Winter’s cold lifts Hellenic Petroleum

The spell of bad weather at the beginning of the year might have hurt consumers but to oil refiner Hellenic Petroleum, the cold snap was heaven-sent as it boosted demand for heating oil and, in turn, the company’s profits in the first quarter of the year. The oil refiner lifted consolidated pretax profits in the first quarter of the year by 156 percent to 45.9 million euros from 17.9 million euros. Earnings before interest, tax, depreciation and amortisation (EBITDA) rose by 49 percent to 75.1 million euros. The figures were calculated according to International Accounting Standards. Athanasios Karachalios, managing director, said the sharp growth in profitability was due to the increased demand for heating oil brought on by the cold weather at the beginning of the year. Sales of heating oil were up by 12.4 percent in the first quarter. He said first-quarter results also benefited from the jump in oil prices at the end of March, shortly after the company had increased its reserves. The improvement in the petrochemical sector, helped by higher sales of two new products, and increased profits from the marketing division also boosted first-quarter figures. Marketing subsidiary Eko-Elda posted «a spectacular increase in sales,» contributing to a 5-million-euro profit in the first quarter of the year compared with a loss of 3.9 million euros last year, said Karachalios. Hellenic Petroleum’s profits are more due to an improvement in accounting than organic growth, said Dimitris Nikolos, head of research at Kappa Securities. «There is organic growth but not as much as the accounting profit, resulting from the higher valuation of the company’s inventory,» he said. He said a drop in international oil prices could have a significant impact on Hellenic Petroleum’s profitability. Hellenic Petroleum is due to launch a marketing venture in Bulgaria next month, marking its expansion into the Balkans.
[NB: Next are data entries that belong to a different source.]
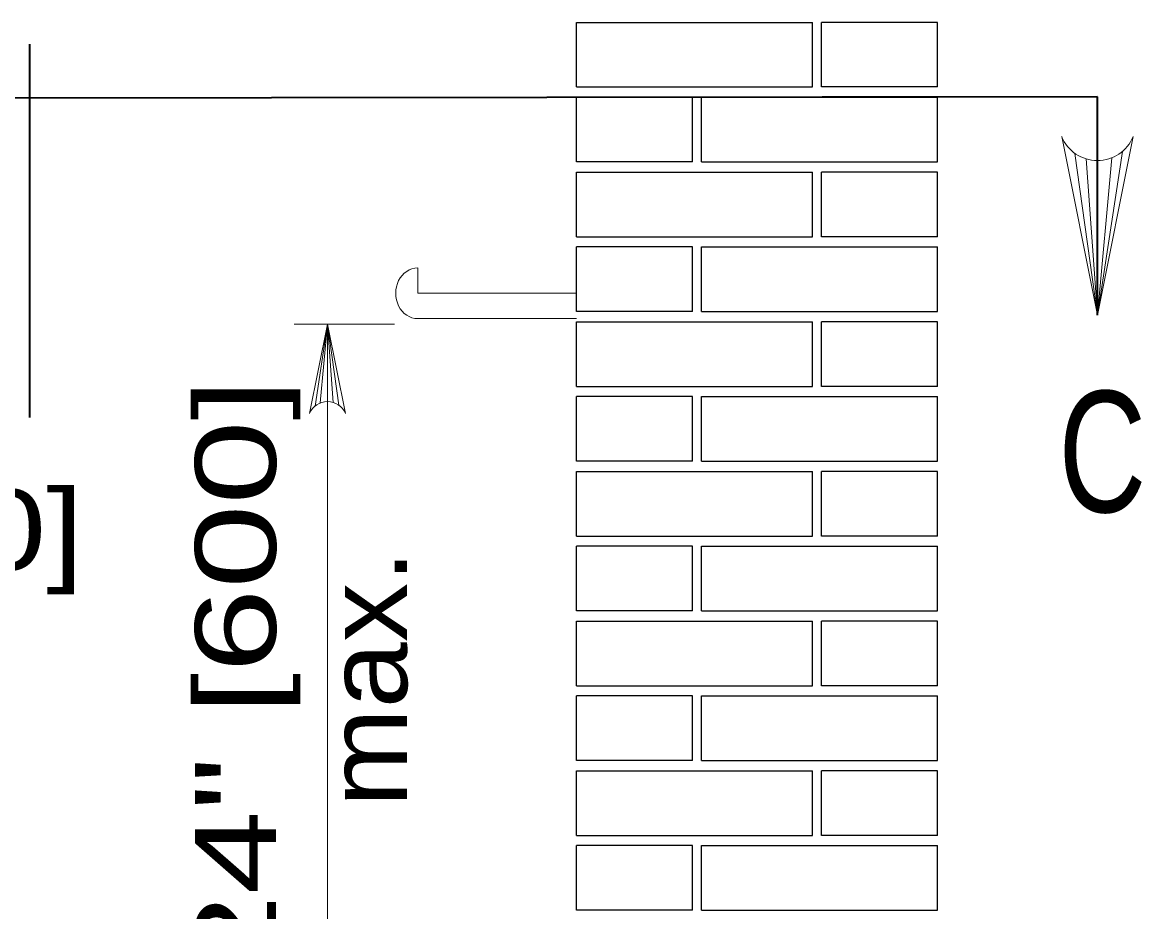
# Model space of a CAD drawing. Extents: x 750.7 to 784.7, y 860.1 to 882.1.
# Drawn here: x 763.779 to 765.996, y 864.82 to 866.581 of the extents above; entities that cross this region are included whole.
import ezdxf
from ezdxf.enums import TextEntityAlignment as Align

# ---------------------------------------------------------------- set-up
doc = ezdxf.new("R2010")
doc.units = 0
doc.header["$LTSCALE"] = 0.064
doc.layers.add('1', color=7, linetype='Continuous', lineweight=13)

msp = doc.modelspace()

# ---------------------------------------------------------------- linework, layer by layer
at = {"layer": '1', "lineweight": 25}
for p, q in [((765.36175, 866.45333), (765.36175, 866.58133)), ((765.59183, 866.45333), (765.36175, 866.45333)), ((764.8765, 866.30508), (764.8765, 866.43308)), ((765.10658, 866.30508), (764.8765, 866.30508)), ((765.36175, 866.15675), (765.36175, 866.28483)), ((765.59183, 866.15675), (765.36175, 866.15675)), ((764.8765, 866.0085), (764.8765, 866.13658)), ((765.10658, 866.0085), (764.8765, 866.0085)), ((765.36175, 865.86025), (765.36175, 865.98833)), ((765.59183, 865.86025), (765.36175, 865.86025)), ((764.8765, 865.712), (764.8765, 865.84)), ((765.10658, 865.712), (764.8765, 865.712)), ((765.36175, 865.56375), (765.36175, 865.69175)), ((765.59183, 865.56375), (765.36175, 865.56375)), ((764.8765, 865.41542), (764.8765, 865.5435)), ((765.10658, 865.41542), (764.8765, 865.41542)), ((765.36175, 865.26717), (765.36175, 865.39525)), ((765.59183, 865.26717), (765.36175, 865.26717)), ((764.8765, 865.11892), (764.8765, 865.247)), ((765.10658, 865.11892), (764.8765, 865.11892)), ((765.36175, 864.97067), (765.36175, 865.09875)), ((765.59183, 864.97067), (765.36175, 864.97067)), ((764.8765, 864.82242), (764.8765, 864.95042)), ((765.10658, 864.82242), (764.8765, 864.82242))]:
    msp.add_line(p, q, dxfattribs=at)
at = {"layer": '1', "lineweight": 35}
for p, q in [((763.79367, 865.79842), (763.79367, 866.53833)), ((765.90858, 866.43392), (760.30408, 866.42633)), ((765.90858, 866.00108), (765.90858, 866.43392))]:
    msp.add_line(p, q, dxfattribs=at)
at = {"layer": '1'}
for p, q in [((765.86367, 866.32175), (765.90858, 866.00108)), ((765.95817, 866.3255), (765.90858, 866.00108)), ((765.88592, 866.31083), (765.90858, 866.00108)), ((765.93733, 866.31325), (765.90858, 866.00108)), ((765.90858, 866.30758), (765.90858, 866.00108)), ((764.56192, 866.04467), (764.56192, 866.09475)), ((764.56192, 866.04467), (764.87642, 866.04467)), ((764.51583, 865.98342), (764.31717, 865.98342)), ((764.3585, 865.82117), (764.38325, 865.98342)), ((764.36883, 865.82733), (764.38325, 865.98342)), ((764.38325, 864.89192), (764.38325, 865.98342)), ((764.38325, 865.83017), (764.38325, 865.98342)), ((764.39458, 865.8285), (764.38325, 865.98342)), ((764.40567, 865.82308), (764.38325, 865.98342)), ((764.56192, 865.99458), (764.87642, 865.99458)), ((764.38325, 864.48525), (764.38325, 864.95308))]:
    msp.add_line(p, q, dxfattribs=at)
at = {"layer": '1', "lineweight": 25}
for points in [[(764.8765, 866.45333), (764.8765, 866.58133), (765.34417, 866.58133)], [(764.8765, 866.45333), (765.34417, 866.45333), (765.34417, 866.58133)], [(765.59183, 866.45333), (765.59183, 866.58133), (765.36175, 866.58133)], [(765.10658, 866.30508), (765.10658, 866.43308), (764.8765, 866.43308)], [(765.12425, 866.30508), (765.12425, 866.43308), (765.59192, 866.43308)], [(765.12425, 866.30508), (765.59192, 866.30508), (765.59192, 866.43308)], [(764.8765, 866.15675), (764.8765, 866.28483), (765.34417, 866.28483)], [(764.8765, 866.15675), (765.34417, 866.15675), (765.34417, 866.28483)], [(765.59183, 866.15675), (765.59183, 866.28483), (765.36175, 866.28483)], [(765.10658, 866.0085), (765.10658, 866.13658), (764.8765, 866.13658)], [(765.12425, 866.0085), (765.12425, 866.13658), (765.59192, 866.13658)], [(765.12425, 866.0085), (765.59192, 866.0085), (765.59192, 866.13658)], [(764.8765, 865.86025), (764.8765, 865.98833), (765.34417, 865.98833)], [(764.8765, 865.86025), (765.34417, 865.86025), (765.34417, 865.98833)], [(765.59183, 865.86025), (765.59183, 865.98833), (765.36175, 865.98833)], [(765.10658, 865.712), (765.10658, 865.84), (764.8765, 865.84)], [(765.12425, 865.712), (765.12425, 865.84008), (765.59192, 865.84008)], [(765.12425, 865.712), (765.59192, 865.712), (765.59192, 865.84008)], [(764.8765, 865.56375), (764.8765, 865.69175), (765.34417, 865.69175)], [(764.8765, 865.56375), (765.34417, 865.56375), (765.34417, 865.69175)], [(765.59183, 865.56375), (765.59183, 865.69175), (765.36175, 865.69175)], [(765.10658, 865.41542), (765.10658, 865.5435), (764.8765, 865.5435)], [(765.12425, 865.4155), (765.12425, 865.5435), (765.59192, 865.5435)], [(765.12425, 865.4155), (765.59192, 865.4155), (765.59192, 865.5435)], [(764.8765, 865.26717), (764.8765, 865.39525), (765.34417, 865.39525)], [(764.8765, 865.26717), (765.34417, 865.26717), (765.34417, 865.39525)], [(765.59183, 865.26717), (765.59183, 865.39525), (765.36175, 865.39525)], [(765.10658, 865.11892), (765.10658, 865.247), (764.8765, 865.247)], [(765.12425, 865.11892), (765.12425, 865.247), (765.59192, 865.247)], [(765.12425, 865.11892), (765.59192, 865.11892), (765.59192, 865.247)], [(764.8765, 864.97067), (764.8765, 865.09875), (765.34417, 865.09875)], [(764.8765, 864.97067), (765.34417, 864.97067), (765.34417, 865.09875)], [(765.59183, 864.97067), (765.59183, 865.09875), (765.36175, 865.09875)], [(765.10658, 864.82242), (765.10658, 864.95042), (764.8765, 864.95042)], [(765.12425, 864.82242), (765.12425, 864.9505), (765.59192, 864.9505)], [(765.12425, 864.82242), (765.59192, 864.82242), (765.59192, 864.9505)]]:
    msp.add_lwpolyline(points, dxfattribs=at)
at = {"layer": '1'}
for points in [[(765.97942, 866.35525), (765.90858, 866.00108), (765.83775, 866.35525)], [(764.34783, 865.80633), (764.38325, 865.98342), (764.41867, 865.80633)]]:
    msp.add_lwpolyline(points, dxfattribs=at)
for centre, radius, start, end in [((765.90849, 866.38387), 0.07644, 202.08782, 337.91395), ((764.3833, 865.79201), 0.03822, 22.08782, 157.91395)]:
    msp.add_arc(centre, radius, start, end, dxfattribs=at)
msp.add_ellipse((764.56192, 866.04466), major_axis=(0, 0.05012), ratio=0.869565, start_param=0.000003, end_param=3.1415958, dxfattribs=at)

# ---------------------------------------------------------------- texts
for s, width, p in [('24" [600]', 1.4, (764.281, 865.28138)), ('max.', 1.1, (764.541, 865.28142))]:
    msp.add_text(s, height=0.16, rotation=90, dxfattribs=dict(at, width=width)).set_placement(p, align=Align.CENTER)
at = {"layer": '1', "width": 0.75}
msp.add_text('C', height=0.24, dxfattribs=at).set_placement((765.83142, 865.611))
at = {"layer": '1', "width": 1.25}
msp.add_text('6"[150]', height=0.16, dxfattribs=at).set_placement((763.481, 865.49642), align=Align.CENTER)

doc.saveas('drawing.dxf')
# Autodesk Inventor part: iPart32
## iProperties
Created: 2005-03
Part Number: iPart32
Document SubType Name: Modeling
Designer: CADCIM
Manufacturer: Standard
Standards Organization: Custom
Author: CADCIM
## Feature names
1. Derived Body1 [Tagging]

The company, which will compete with UK group Shell and Austria’s OMV, is aiming for a 20-25 percent market share. Hellenic Petroleum is also present in the former Yugoslav Republic of Macedonia and Belgrade. The government is due to hold talks soon with its sole bidder, the consortium of Latsis Group and Russian oil group Lukoil, for a 23-percent stake in Hellenic Petroleum. The joint bid offers 7.5 euros per share.